One of the most salient features of the globalization process has been the unrestricted flow of information between the various sectors of the global community, not least in the domain of science. Even those who reject some of the aspects of globalization cannot deny the positive effect it has had in opening up channels of communication between the many institutions working in every branch of science and scientific research. This is particularly true in the field of applied science and technology, where universality of knowledge has become an established feature. The main reason why this feature has acquired such importance is the strong relationship in advanced societies between scientific research on the one hand and life in general and economic life in particular on the other. It is also the reason why the field of Research and Development, or R & D as it is known, which is concerned primarily with the practical application of scientific findings, has come to eclipse in importance the field of scientific research proper which, in the traditional meaning of the word, is almost totally divorced from life functions.

    As advanced societies removed science from behind the high enclosures of universities and research centres, and put many of its branches to work in the service of their life/economic/social functions, universality of knowledge in the service of life functions became an inescapable fact of life in the world of applied sciences. The importance of R & D is reflected in the size of the budgets it commands, which far exceed those allocated to pure scientific research. And, while the latter is subsidized for the most part by states and academic institutions, most R & D is funded by private economic institutions driven by the need to stay ahead of the competition. Anyone working in an industrial, commercial or services sector today must seek out the latest technology in that sector, wherever it may have been developed, and put it to use in enhancing performance, expanding activities and maximizing returns. Hence the growing relevance of the notion of universality of knowledge.

    It would be no exaggeration to attribute much of the credit for promoting the notion of universality of knowledge to the unique experience of post-war Japan. Like the fabled phoenix, Japan rose from the ashes of its crushing defeat in World War II to assert itself as an economic giant on the world stage, largely thanks to its determination to seek out the latest achievements in science and technology in every part of the world, thoroughly assimilate their inner workings and put them to use in remarkable ways. Things are not quite so simple in the field of social science, where outlooks are conditioned by cultural factors and considerations. And yet the notion of universality of knowledge is gaining ground in certain branches of social science, albeit not at the same pace as in the domain of applied science. For example, modern management, human resources and marketing sciences and many other economic disciplines have managed to cross borders and apply the notion of universality of knowledge in practice. This may be due to the fact that they are largely culture-free. But even those branches of social science with a strong cultural dimension are being infiltrated to one degree or another by the notion of universality of knowledge.
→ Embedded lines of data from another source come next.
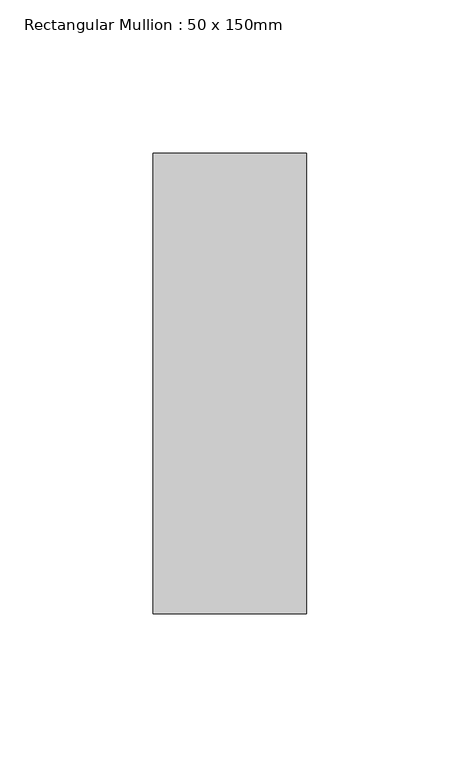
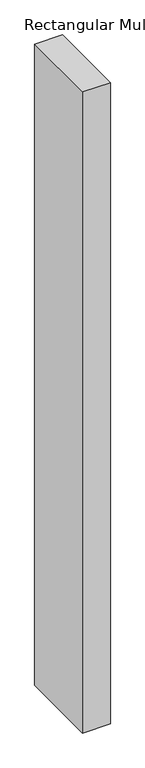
"""IFC4 building model written with IfcOpenShell, lengths in millimetres: member geometry, Rectangular Mullion : 50 x 150mm."""

from ifc_helpers import new_model, si_unit, frame, origin, place, context, project, spatial, polyline, outline, extrude, source, transform, mapped, element, save


def rectangular_mullion_50_x_150mm_ca70b892(model_context):
    return source(origin(), model_context, "Body", "SweptSolid", [
        extrude(outline(polyline([(0.0, 75.0), (0.0, -75.0), (-50.0, -75.0), (-50.0, 75.0), (0.0, 75.0)])), frame((0.0, 0.0, -1224.8468786), z_axis=(0.0, 0.0, 1.0), x_axis=(1.0, 0.0, 0.0)), (0.0, 0.0, 1.0), 1224.8468786),
    ])


if __name__ == "__main__":
    model = new_model("IFC4")
    model_context = context("Model", 3, world=origin())
    ifc_project = project(units=[si_unit("LENGTHUNIT", "METRE", prefix="MILLI")], contexts=[model_context])
    site = spatial("IfcSite", under=ifc_project)
    building = spatial("IfcBuilding", under=site)
    placement = place(None, origin())
    rectangular_mullion_50_x_150mm_shape = rectangular_mullion_50_x_150mm_ca70b892(model_context)
    element("IfcMember", 1, ObjectType="Rectangular Mullion : 50 x 150mm", at=placement, inside=building, context=model_context, shape_type="MappedRepresentation", body=[
        mapped(rectangular_mullion_50_x_150mm_shape, transform((0.0, 0.0, 0.0), x_axis=(1.0, 0.0, 0.0), y_axis=(0.0, 1.0, 0.0), z_axis=(0.0, 0.0, 1.0))),
    ])
    save(model, "model.ifc")
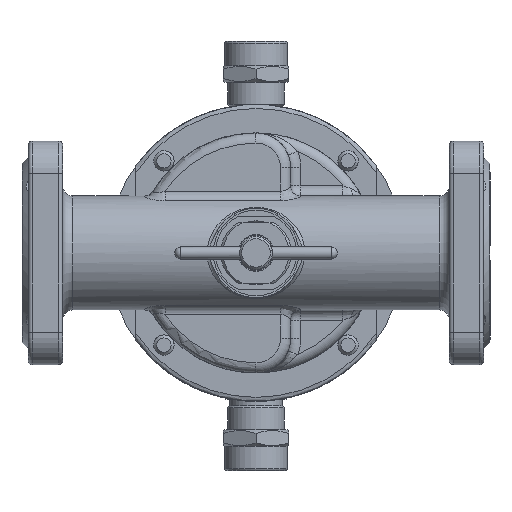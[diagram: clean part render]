
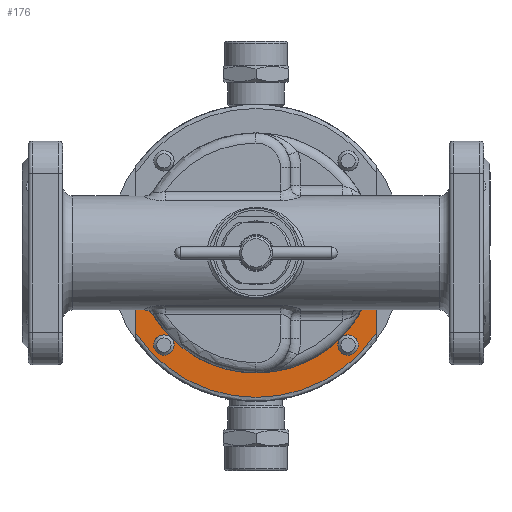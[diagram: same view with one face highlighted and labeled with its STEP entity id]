
A CAD part, front view. The second image highlights one B-rep face of the part: STEP entity #176.
In plain terms, the highlighted planar face has unit normal (0, -1, 0).
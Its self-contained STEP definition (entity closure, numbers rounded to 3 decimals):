
#176=ADVANCED_FACE('',(#4627),#4629,.F.);
#4627=FACE_OUTER_BOUND('',#4628,.T.);
#4628=EDGE_LOOP('',(#21762,#21763,#21764,#21765,#21766,#21767,#21768,#21769,#21770,
#21771));
#4629=PLANE('',#4630);
#4630=AXIS2_PLACEMENT_3D('',#4631,#4632,#4633);
#4631=CARTESIAN_POINT('',(0.,39.5,0.));
#4632=DIRECTION('',(0.,1.,0.));
#4633=DIRECTION('',(-1.,0.,0.));
#21762=ORIENTED_EDGE('',*,*,#33159,.F.);
#21763=ORIENTED_EDGE('',*,*,#33160,.F.);
#21764=ORIENTED_EDGE('',*,*,#33082,.F.);
#21765=ORIENTED_EDGE('',*,*,#33100,.F.);
#21766=ORIENTED_EDGE('',*,*,#33161,.F.);
#21767=ORIENTED_EDGE('',*,*,#33093,.F.);
#21768=ORIENTED_EDGE('',*,*,#33084,.F.);
#21769=ORIENTED_EDGE('',*,*,#33162,.F.);
#21770=ORIENTED_EDGE('',*,*,#33163,.F.);
#21771=ORIENTED_EDGE('',*,*,#33083,.F.);
#33082=EDGE_CURVE('',#37993,#38123,#38124,.T.);
#33083=EDGE_CURVE('',#38123,#38125,#38126,.T.);
#33084=EDGE_CURVE('',#38125,#37987,#38127,.T.);
#33093=EDGE_CURVE('',#37987,#38142,#38143,.T.);
#33100=EDGE_CURVE('',#38152,#37993,#38154,.T.);
#33159=EDGE_CURVE('',#38247,#38123,#38248,.T.);
#33160=EDGE_CURVE('',#38123,#38247,#38249,.T.);
#33161=EDGE_CURVE('',#38142,#38152,#38250,.T.);
#33162=EDGE_CURVE('',#38251,#38125,#38252,.T.);
#33163=EDGE_CURVE('',#38125,#38251,#38253,.T.);
#37987=VERTEX_POINT('',#46244);
#37993=VERTEX_POINT('',#46258);
#38123=VERTEX_POINT('',#46631);
#38124=CIRCLE('',#46632,59.);
#38125=VERTEX_POINT('',#46636);
#38126=CIRCLE('',#46637,59.);
#38127=CIRCLE('',#46641,59.);
#38142=VERTEX_POINT('',#46776);
#38143=LINE('',#46777,#46778);
#38152=VERTEX_POINT('',#46903);
#38154=LINE('',#46959,#46960);
#38247=VERTEX_POINT('',#47385);
#38248=CIRCLE('',#47386,5.);
#38249=CIRCLE('',#47390,5.);
#38250=CIRCLE('',#47394,71.);
#38251=VERTEX_POINT('',#47398);
#38252=CIRCLE('',#47399,5.);
#38253=CIRCLE('',#47403,5.);
#46244=CARTESIAN_POINT('',(59.,39.5,0.));
#46258=CARTESIAN_POINT('',(-59.,39.5,0.));
#46631=CARTESIAN_POINT('',(-41.719,39.5,-41.719));
#46632=AXIS2_PLACEMENT_3D('',#46633,#46634,#46635);
#46633=CARTESIAN_POINT('',(0.,39.5,0.));
#46634=DIRECTION('',(0.,-1.,0.));
#46635=DIRECTION('',(-1.,0.,0.));
#46636=CARTESIAN_POINT('',(41.719,39.5,-41.719));
#46637=AXIS2_PLACEMENT_3D('',#46638,#46639,#46640);
#46638=CARTESIAN_POINT('',(0.,39.5,0.));
#46639=DIRECTION('',(0.,-1.,0.));
#46640=DIRECTION('',(-0.707,0.,-0.707));
#46641=AXIS2_PLACEMENT_3D('',#46642,#46643,#46644);
#46642=CARTESIAN_POINT('',(0.,39.5,0.));
#46643=DIRECTION('',(0.,-1.,0.));
#46644=DIRECTION('',(0.707,0.,-0.707));
#46776=CARTESIAN_POINT('',(59.,39.5,-39.497));
#46777=CARTESIAN_POINT('',(59.,39.5,0.));
#46778=VECTOR('',#46779,1.);
#46779=DIRECTION('',(0.,0.,-1.));
#46903=CARTESIAN_POINT('',(-59.,39.5,-39.497));
#46959=CARTESIAN_POINT('',(-59.,39.5,-39.497));
#46960=VECTOR('',#46961,1.);
#46961=DIRECTION('',(0.,0.,1.));
#47385=CARTESIAN_POINT('',(-45.255,39.5,-50.255));
#47386=AXIS2_PLACEMENT_3D('',#47387,#47388,#47389);
#47387=CARTESIAN_POINT('',(-45.255,39.5,-45.255));
#47388=DIRECTION('',(0.,-1.,0.));
#47389=DIRECTION('',(0.,0.,-1.));
#47390=AXIS2_PLACEMENT_3D('',#47391,#47392,#47393);
#47391=CARTESIAN_POINT('',(-45.255,39.5,-45.255));
#47392=DIRECTION('',(0.,-1.,0.));
#47393=DIRECTION('',(0.707,0.,0.707));
#47394=AXIS2_PLACEMENT_3D('',#47395,#47396,#47397);
#47395=CARTESIAN_POINT('',(0.,39.5,0.));
#47396=DIRECTION('',(0.,1.,0.));
#47397=DIRECTION('',(0.831,0.,-0.556));
#47398=CARTESIAN_POINT('',(50.255,39.5,-45.255));
#47399=AXIS2_PLACEMENT_3D('',#47400,#47401,#47402);
#47400=CARTESIAN_POINT('',(45.255,39.5,-45.255));
#47401=DIRECTION('',(0.,-1.,0.));
#47402=DIRECTION('',(1.,0.,0.));
#47403=AXIS2_PLACEMENT_3D('',#47404,#47405,#47406);
#47404=CARTESIAN_POINT('',(45.255,39.5,-45.255));
#47405=DIRECTION('',(0.,-1.,0.));
#47406=DIRECTION('',(-0.707,0.,0.707));

    Resisting the notion may appear to some, particularly in the Arab world, as a natural feature of ancient civilizations. Not so. Consider the case of China, one of the oldest civilizations in the world. Among the most passionate adherents to the values of progress in general and the notion of universality of knowledge in particular are the Chinese communities of Southeast Asia, and it was this which allowed them to play an instrumental role in the remarkable progress achieved by the region. Then there is the case of Japan, another ancient civilization which stands as one of the foremost examples of the values of progress in action, most notably the universality of knowledge. There is also India, an ancient civilization which, despite its many social problems, is one of the few Third World countries whose scientific institutions can hold their own with the best in the world. By keeping the bridges of scientific and technological research open between it and the rest of the world, India was able to score impressive achievements in many fields, notably in the arms industry and in computers and information technology. These examples attest to the ability of ancient civilizations to adopt the notion of universality of knowledge without threatening their own cultural specificity.

    How then to explain the reluctance of Arab societies to partake of the benefits of universality of knowledge? I believe it is due to the lamentable deterioration of their educational institutions and scientific research centres as a result of the subjugation of education and science in these societies to political life. This has, not surprisingly, cut them off from scientific progress in the rest of the world, smothered the spirit of creativity and turned them into stagnant entities totally cut off from scientific research in all branches of applied and social sciences. As a result, there is a near total Arab absence in the domain of scientific achievements and creative research in these fields.